Would appreciate any help.

Thanks Duncan


----------



## Alcalaina (Aug 6, 2010)

d2jlr said:


> Hi all
> 
> Been a "non resident" in Torrevieja Spain for 13 years but always have problems with losing/ de activation of sim due to periods of non use while out of Spain therefore;
> 
> ...


Orange is now 12 months I think. 

If it gets deactivated, you just go to your account online and reactivate it with your PUK number. Don't other companies allow this?


----------



## NotinUse (Oct 3, 2009)

Unless they have changed it back again Vodafone was 6 months, but I'm with Hits same problem. Theirs is 3 months but I did moan about it and was told I could change it to a 12 month top-up.
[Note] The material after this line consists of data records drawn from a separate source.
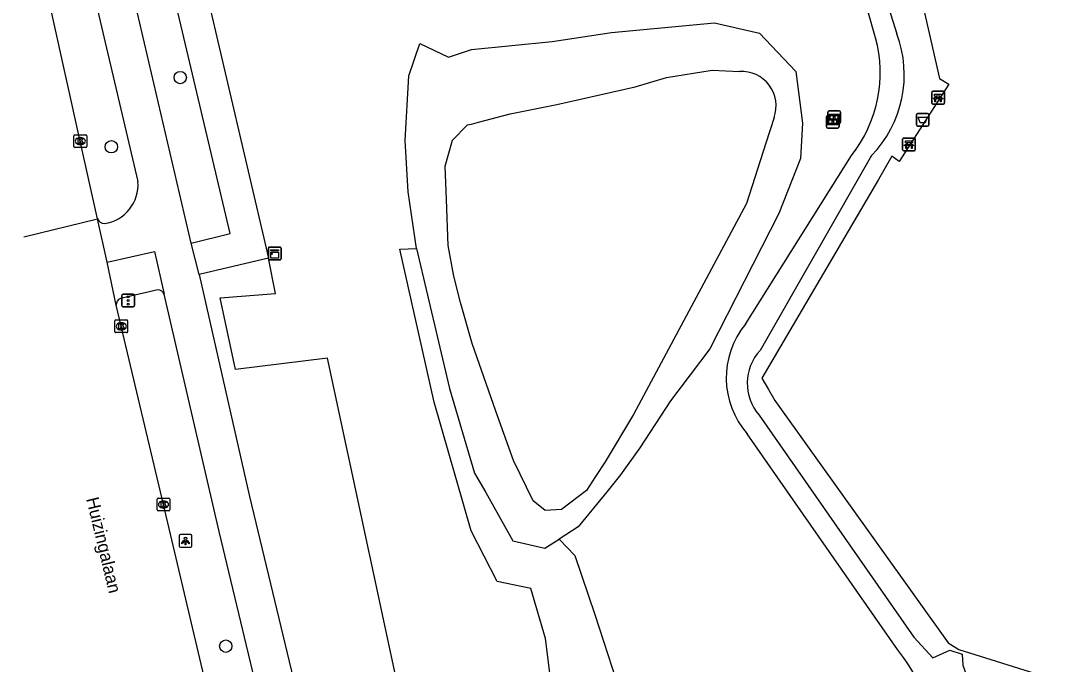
# Model space of a CAD drawing. Extents: x 159451 to 160663, y 388402 to 389723.
# Drawn here: x 159563.1 to 159644.7, y 388629.8 to 388680.5 of the extents above; entities that cross this region are included whole.
import ezdxf

# ---------------------------------------------------------------- set-up
doc = ezdxf.new("R2010")
doc.units = 0
for name, color, linetype in [('IMGEO_Afvalbak', 7, 'Continuous'), ('IMGEO_Bank', 7, 'Continuous'), ('IMGEO_Boom', 7, 'Continuous'), ('IMGEO_Fietspad_gesloten', 7, 'Continuous'), ('IMGEO_Grasland_overig', 7, 'Continuous'), ('IMGEO_Groenvoorziening', 7, 'Continuous'), ('IMGEO_Informatiebord', 7, 'Continuous'), ('IMGEO_Kast', 7, 'Continuous'), ('IMGEO_Kolk', 7, 'Continuous'), ('IMGEO_Lichtpunt', 7, 'Continuous'), ('IMGEO_Meer_plas_ven_vijver', 7, 'Continuous'), ('IMGEO_Openbare_ruimte_label', 7, 'Continuous'), ('IMGEO_Rijbaan_lokaal_halfverhard', 7, 'Continuous'), ('IMGEO_Rijbaan_regionaal_gesloten', 7, 'Continuous'), ('IMGEO_Verkeersregelinstallatiepaal', 7, 'Continuous'), ('IMGEO_Voetpad_open', 7, 'Continuous')]:
    doc.layers.add(name, color=color, linetype=linetype)

msp = doc.modelspace()

# ---------------------------------------------------------------- linework, layer by layer
at = {"layer": 'IMGEO_Afvalbak'}
for p, q in [((159633.667, 388672.309), (159633.667, 388673.109)), ((159633.667, 388673.109), (159633.667, 388672.309)), ((159633.767, 388673.209), (159634.557, 388673.209)), ((159634.557, 388673.209), (159633.767, 388673.209)), ((159634.657, 388673.109), (159634.657, 388672.309)), ((159634.657, 388672.309), (159634.657, 388673.109)), ((159634.557, 388672.209), (159633.767, 388672.209)), ((159633.767, 388672.209), (159634.557, 388672.209))]:
    msp.add_line(p, q, dxfattribs=at)
msp.add_lwpolyline([(159633.81, 388672.923), (159634.514, 388672.923), (159634.365, 388672.453), (159633.959, 388672.453), (159633.81, 388672.923)], dxfattribs=at)
for centre, start, end in [((159633.767, 388673.109), 90, 180), ((159633.767, 388673.109), 90, 180), ((159634.557, 388673.109), 0, 90), ((159634.557, 388673.109), 360, 90), ((159633.767, 388672.309), 180, 270), ((159633.767, 388672.309), 180, 270), ((159634.557, 388672.309), 270, 0), ((159634.557, 388672.309), 270, 0)]:
    msp.add_arc(centre, 0.1, start, end, dxfattribs=at)
at = {"layer": 'IMGEO_Bank'}
for p, q in [((159634.953, 388674.946), (159635.794, 388674.946)), ((159635.794, 388674.946), (159634.953, 388674.946)), ((159634.878, 388674.021), (159634.878, 388674.862)), ((159634.878, 388674.862), (159634.878, 388674.021)), ((159635.575, 388674.344), (159635.182, 388674.344)), ((159635.187, 388674.452), (159635.187, 388674.558)), ((159635.231, 388674.558), (159635.231, 388674.452)), ((159635.519, 388674.564), (159635.237, 388674.564)), ((159635.237, 388674.446), (159635.519, 388674.446)), ((159635.525, 388674.452), (159635.525, 388674.558)), ((159635.569, 388674.558), (159635.569, 388674.452)), ((159635.878, 388674.871), (159635.878, 388674.03)), ((159635.878, 388674.03), (159635.878, 388674.871)), ((159635.803, 388673.946), (159634.962, 388673.946)), ((159634.962, 388673.946), (159635.803, 388673.946)), ((159632.587, 388670.343), (159632.587, 388671.184)), ((159632.587, 388671.184), (159632.587, 388670.343)), ((159632.662, 388671.268), (159633.503, 388671.268)), ((159633.503, 388671.268), (159632.662, 388671.268)), ((159632.896, 388670.774), (159632.896, 388670.88)), ((159632.94, 388670.88), (159632.94, 388670.774)), ((159633.228, 388670.886), (159632.946, 388670.886)), ((159633.234, 388670.774), (159633.234, 388670.88)), ((159633.278, 388670.88), (159633.278, 388670.774)), ((159633.587, 388671.193), (159633.587, 388670.352)), ((159633.587, 388670.352), (159633.587, 388671.193)), ((159633.512, 388670.268), (159632.671, 388670.268)), ((159632.671, 388670.268), (159633.512, 388670.268)), ((159633.284, 388670.666), (159632.891, 388670.666)), ((159632.946, 388670.768), (159633.228, 388670.768))]:
    msp.add_line(p, q, dxfattribs=at)
for points in [[(159635.125, 388674.344), (159634.983, 388674.344), (159635.095, 388674.446), (159635.181, 388674.446)], [(159635.181, 388674.564), (159635.095, 388674.564), (159635.095, 388674.725), (159635.658, 388674.725), (159635.658, 388674.564), (159635.575, 388674.564)], [(159635.175, 388674.337), (159635.175, 388674.13), (159635.132, 388674.13), (159635.132, 388674.337)], [(159635.575, 388674.446), (159635.658, 388674.446), (159635.77, 388674.344), (159635.631, 388674.344)], [(159635.625, 388674.337), (159635.625, 388674.13), (159635.581, 388674.13), (159635.581, 388674.337)], [(159632.89, 388670.886), (159632.804, 388670.886), (159632.804, 388671.047), (159633.367, 388671.047), (159633.367, 388670.886), (159633.284, 388670.886)], [(159632.834, 388670.666), (159632.692, 388670.666), (159632.804, 388670.768), (159632.89, 388670.768)], [(159632.884, 388670.659), (159632.884, 388670.452), (159632.841, 388670.452), (159632.841, 388670.659)], [(159633.284, 388670.768), (159633.367, 388670.768), (159633.479, 388670.666), (159633.34, 388670.666)], [(159633.334, 388670.659), (159633.334, 388670.452), (159633.29, 388670.452), (159633.29, 388670.659)]]:
    msp.add_lwpolyline(points, dxfattribs=at)
for centre, radius, start, end in [((159634.956, 388674.868), 0.0779, 92.4484, 184.28452), ((159634.956, 388674.868), 0.0779, 92.4484, 184.28452), ((159635.8, 388674.868), 0.0779, 2.4484, 94.28452), ((159635.8, 388674.868), 0.0779, 2.4484, 94.28452), ((159635.125, 388674.337), 0.00671, 2.89567, 87.10433), ((159635.182, 388674.337), 0.00671, 92.89567, 177.10433), ((159635.18, 388674.557), 0.00671, 2.89567, 87.10433), ((159635.18, 388674.453), 0.00671, 272.89567, 357.10433), ((159635.237, 388674.557), 0.00671, 92.89567, 177.10433), ((159635.237, 388674.453), 0.00671, 182.89567, 267.10433), ((159635.519, 388674.557), 0.00671, 2.89567, 87.10433), ((159635.519, 388674.453), 0.00671, 272.89567, 357.10433), ((159635.576, 388674.557), 0.00671, 92.89567, 177.10433), ((159635.576, 388674.453), 0.00671, 182.89567, 267.10433), ((159635.574, 388674.337), 0.00671, 2.89567, 87.10433), ((159635.631, 388674.337), 0.00671, 92.89567, 177.10433), ((159634.956, 388674.024), 0.0779, 182.4484, 274.28452), ((159634.956, 388674.024), 0.0779, 182.4484, 274.28452), ((159635.8, 388674.024), 0.0779, 272.4484, 4.28452), ((159635.8, 388674.024), 0.0779, 272.4484, 4.28452), ((159632.665, 388671.19), 0.0779, 92.4484, 184.28452), ((159632.665, 388671.19), 0.0779, 92.4484, 184.28452), ((159632.889, 388670.879), 0.00671, 2.89567, 87.10433), ((159632.946, 388670.879), 0.00671, 92.89567, 177.10433), ((159633.228, 388670.879), 0.00671, 2.89567, 87.10433), ((159633.285, 388670.879), 0.00671, 92.89567, 177.10433), ((159633.509, 388671.19), 0.0779, 2.4484, 94.28452), ((159633.509, 388671.19), 0.0779, 2.4484, 94.28452), ((159632.665, 388670.346), 0.0779, 182.4484, 274.28452), ((159632.665, 388670.346), 0.0779, 182.4484, 274.28452), ((159632.834, 388670.659), 0.00671, 2.89567, 87.10433), ((159632.891, 388670.659), 0.00671, 92.89567, 177.10433), ((159632.889, 388670.775), 0.00671, 272.89567, 357.10433), ((159632.946, 388670.775), 0.00671, 182.89567, 267.10433), ((159633.228, 388670.775), 0.00671, 272.89567, 357.10433), ((159633.285, 388670.775), 0.00671, 182.89567, 267.10433), ((159633.283, 388670.659), 0.00671, 2.89567, 87.10433), ((159633.34, 388670.659), 0.00671, 92.89567, 177.10433), ((159633.509, 388670.346), 0.0779, 272.4484, 4.28452), ((159633.509, 388670.346), 0.0779, 272.4484, 4.28452)]:
    msp.add_arc(centre, radius, start, end, dxfattribs=at)
at = {"layer": 'IMGEO_Boom'}
for centre in [(159575.671, 388676.03), (159570.243, 388670.579), (159579.258, 388631.237)]:
    msp.add_circle(centre, 0.489, dxfattribs=at)
at = {"layer": 'IMGEO_Fietspad_gesloten'}
for points in [[(159576.544, 388662.982), (159568.624, 388696.886)], [(159566.996, 388690.549), (159572.338, 388667.842)], [(159577.172, 388660.52), (159576.544, 388662.982)], [(159569.913, 388661.5), (159573.643, 388662.34), (159574.415, 388658.968)], [(159577.172, 388660.52), (159581.133, 388643.019), (159589.369, 388608.734), (159590.61, 388603.644), (159594.52, 388587.297), (159598.928, 388568.512), (159603.765, 388547.95), (159608.335, 388528.706), (159613.26, 388507.823), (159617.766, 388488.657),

Never took it further but might be worth a shot


----------



## CapnBilly (Jun 7, 2011)

NotinUse said:


> Unless they have changed it back again Vodafone was 6 months, but I'm with Hits same problem. Theirs is 3 months but I did moan about it and was told I could change it to a 12 month top-up.
> 
> Never took it further but might be worth a shot


I think Hits will now not deactivatae your sim, but you have to pay €10 per annum. May be a bit pricey, but if you want to retain the number, it is useful


----------



## NotinUse (Oct 3, 2009)

CapnBilly said:


> I think Hits will now not deactivatae your sim, but you have to pay €10 per annum. May be a bit pricey, but if you want to retain the number, it is useful


Yes I believe it was €10, but users can't do it as a top-up to a disconnected line, you need to buy a top-up to activate and then buy the 12 month period which I believed to be credited as another top-up


----------



## xgarb (May 6, 2011)

Conservar linea de movil sin usarla - HITS Mobile (smiley face block)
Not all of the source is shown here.